Saved data entries:
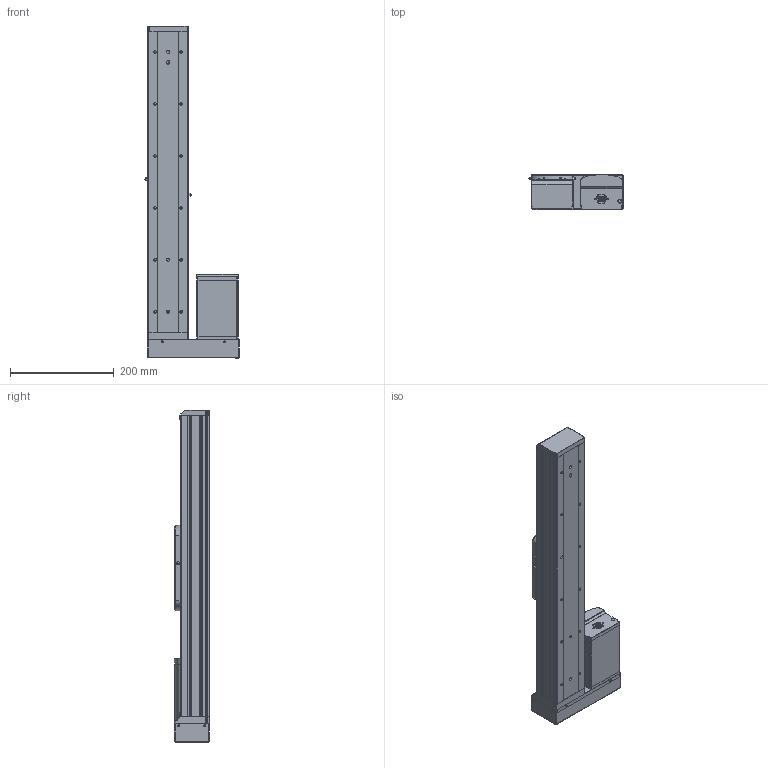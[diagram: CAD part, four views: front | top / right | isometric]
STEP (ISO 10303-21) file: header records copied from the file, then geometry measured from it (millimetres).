
FILE_DESCRIPTION (( 'STEP AP203' ), '1' );
FILE_NAME ('GERC80-400-FLXD.STEP', '2020-05-22T03:54:54', ( '' ), ( '' ), 'SwSTEP 2.0', 'SolidWorks 2019', '' );
FILE_SCHEMA (( 'CONFIG_CONTROL_DESIGN' ));
Products named in the file (3): Group1^GERC80-400-FLXD_defeature_GMT; Group2^GERC80-400-FLXD_defeature_GMT; GERC80-400-FLXD
Assembly tree (2 placements, depth 2):
  GERC80-400-FLXD
    Group1^GERC80-400-FLXD_defeature_GMT
    Group2^GERC80-400-FLXD_defeature_GMT
Bounding box: 182 x 67.5 x 639 mm (x, y, z)
Volume: 2134241.4 mm3; surface area: 601563.8 mm2
Topology: 34 solids, 34 shells, 3980 faces, 10509 edges, 6574 vertices
Faces by surface type: plane 1350, cylinder 1191, cone 951, bspline 256, torus 140, sphere 92
Entity records: 149305 total; most frequent: CARTESIAN_POINT 51332, DIRECTION 20978, ORIENTED_EDGE 20708, EDGE_CURVE 10354, AXIS2_PLACEMENT_3D 8058, VERTEX_POINT 6504, LINE 4862, VECTOR 4862

### What is expected
The output is the lines from the start of the data above through the line containing "FILE_SCHEMA (( 'CONFIG_CONTROL_DESIGN' ));", unchanged, with any picture left out.

### Your response
[diagram: CAD part, four views: front | top / right | isometric]
STEP (ISO 10303-21) file: header records copied from the file, then geometry measured from it (millimetres).
FILE_DESCRIPTION (( 'STEP AP203' ), '1' );
FILE_NAME ('GERC80-400-FLXD.STEP', '2020-05-22T03:54:54', ( '' ), ( '' ), 'SwSTEP 2.0', 'SolidWorks 2019', '' );
FILE_SCHEMA (( 'CONFIG_CONTROL_DESIGN' ));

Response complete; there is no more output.